Quuxplusone commented 14 years ago
\01 is added in llvm-gcc as a result of a series of glibc ifdefs surrounding
large file (64-bit offset) support on 32-bit platforms.

In gcc/varasm.c:

set_user_assembler_name (tree decl, const char *name)
{
...
   /* If the name isn't an LLVM intrinsic, add a starting '\1' character to
      indicate that the target assembler shouldn't modify the name.  If it *is*
      an LLVM intrinsic name, just set the name, to support code like this:
          unsigned bswap(unsigned) __asm__("llvm.bswap");  */
...
}

It appears that this character should be stripped out later, but this isn't
occurring.

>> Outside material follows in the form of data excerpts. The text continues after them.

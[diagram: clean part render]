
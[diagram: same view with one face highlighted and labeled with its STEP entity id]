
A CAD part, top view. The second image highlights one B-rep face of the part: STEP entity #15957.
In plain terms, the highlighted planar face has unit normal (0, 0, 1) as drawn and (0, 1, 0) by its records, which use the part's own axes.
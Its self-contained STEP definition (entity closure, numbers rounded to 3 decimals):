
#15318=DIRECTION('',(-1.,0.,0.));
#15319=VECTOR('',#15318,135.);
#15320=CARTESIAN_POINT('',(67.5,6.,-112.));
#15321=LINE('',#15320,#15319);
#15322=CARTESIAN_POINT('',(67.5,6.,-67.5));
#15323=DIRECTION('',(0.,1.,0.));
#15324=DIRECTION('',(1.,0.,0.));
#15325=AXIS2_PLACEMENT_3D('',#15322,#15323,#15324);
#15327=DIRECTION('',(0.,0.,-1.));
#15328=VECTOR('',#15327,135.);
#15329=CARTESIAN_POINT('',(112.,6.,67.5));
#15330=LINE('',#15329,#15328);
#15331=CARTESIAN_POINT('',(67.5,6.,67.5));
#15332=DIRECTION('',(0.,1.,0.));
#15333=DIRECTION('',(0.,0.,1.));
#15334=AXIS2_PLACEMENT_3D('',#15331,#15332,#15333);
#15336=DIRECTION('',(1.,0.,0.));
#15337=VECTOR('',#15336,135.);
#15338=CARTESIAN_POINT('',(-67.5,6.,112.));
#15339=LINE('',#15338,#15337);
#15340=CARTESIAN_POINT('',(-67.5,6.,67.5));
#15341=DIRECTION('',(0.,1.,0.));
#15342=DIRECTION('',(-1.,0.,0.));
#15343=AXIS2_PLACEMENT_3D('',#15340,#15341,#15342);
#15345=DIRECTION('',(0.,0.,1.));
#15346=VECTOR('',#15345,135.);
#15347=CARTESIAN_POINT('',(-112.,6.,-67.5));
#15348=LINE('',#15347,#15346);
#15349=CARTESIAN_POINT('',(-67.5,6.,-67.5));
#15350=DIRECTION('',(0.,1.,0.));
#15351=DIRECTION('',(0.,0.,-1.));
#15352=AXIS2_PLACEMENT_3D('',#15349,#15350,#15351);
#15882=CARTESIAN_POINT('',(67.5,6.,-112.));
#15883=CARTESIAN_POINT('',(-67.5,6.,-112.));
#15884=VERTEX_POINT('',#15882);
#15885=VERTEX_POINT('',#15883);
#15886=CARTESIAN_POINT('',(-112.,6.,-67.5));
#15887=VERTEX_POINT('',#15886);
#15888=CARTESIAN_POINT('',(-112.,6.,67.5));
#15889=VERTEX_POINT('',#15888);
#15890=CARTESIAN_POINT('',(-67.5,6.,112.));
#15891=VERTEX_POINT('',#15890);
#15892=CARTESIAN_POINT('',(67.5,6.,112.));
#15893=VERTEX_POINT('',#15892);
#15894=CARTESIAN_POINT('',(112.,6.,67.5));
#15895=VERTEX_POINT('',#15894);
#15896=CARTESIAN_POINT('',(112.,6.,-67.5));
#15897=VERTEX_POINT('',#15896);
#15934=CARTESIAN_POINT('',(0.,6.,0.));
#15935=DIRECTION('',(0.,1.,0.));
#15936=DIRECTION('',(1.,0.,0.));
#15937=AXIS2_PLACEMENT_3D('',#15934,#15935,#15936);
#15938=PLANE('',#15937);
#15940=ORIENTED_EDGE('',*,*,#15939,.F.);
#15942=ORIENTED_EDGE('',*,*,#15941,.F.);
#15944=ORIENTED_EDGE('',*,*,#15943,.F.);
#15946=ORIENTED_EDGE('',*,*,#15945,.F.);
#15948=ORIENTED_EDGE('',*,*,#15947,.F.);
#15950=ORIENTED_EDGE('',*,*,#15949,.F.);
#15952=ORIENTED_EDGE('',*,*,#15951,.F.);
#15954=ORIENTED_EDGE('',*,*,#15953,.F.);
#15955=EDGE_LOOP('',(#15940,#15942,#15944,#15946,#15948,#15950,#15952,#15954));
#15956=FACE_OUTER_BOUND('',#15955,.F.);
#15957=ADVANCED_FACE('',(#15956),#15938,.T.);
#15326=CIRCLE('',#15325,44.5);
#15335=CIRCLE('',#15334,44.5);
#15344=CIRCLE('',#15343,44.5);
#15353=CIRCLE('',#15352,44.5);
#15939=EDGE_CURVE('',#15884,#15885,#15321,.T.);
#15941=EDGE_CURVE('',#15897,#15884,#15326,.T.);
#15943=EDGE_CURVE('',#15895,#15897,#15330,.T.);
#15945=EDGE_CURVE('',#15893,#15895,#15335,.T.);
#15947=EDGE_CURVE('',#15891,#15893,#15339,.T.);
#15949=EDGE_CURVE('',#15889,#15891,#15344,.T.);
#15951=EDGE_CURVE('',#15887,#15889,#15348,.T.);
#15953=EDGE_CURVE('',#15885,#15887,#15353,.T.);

I'm looking into a cause/fix...
Quuxplusone commented 14 years ago

Alright, I agree with Chris Lattner's assessment now. The '\1' sentinel has to stay in the LLVM bitcode until target code is generated. In the case of the interpreter, it's the interpreter's responsibility to fix the naming at runtime. This needs to be done in the KLEE project as well, which is how I stumbled upon the problem.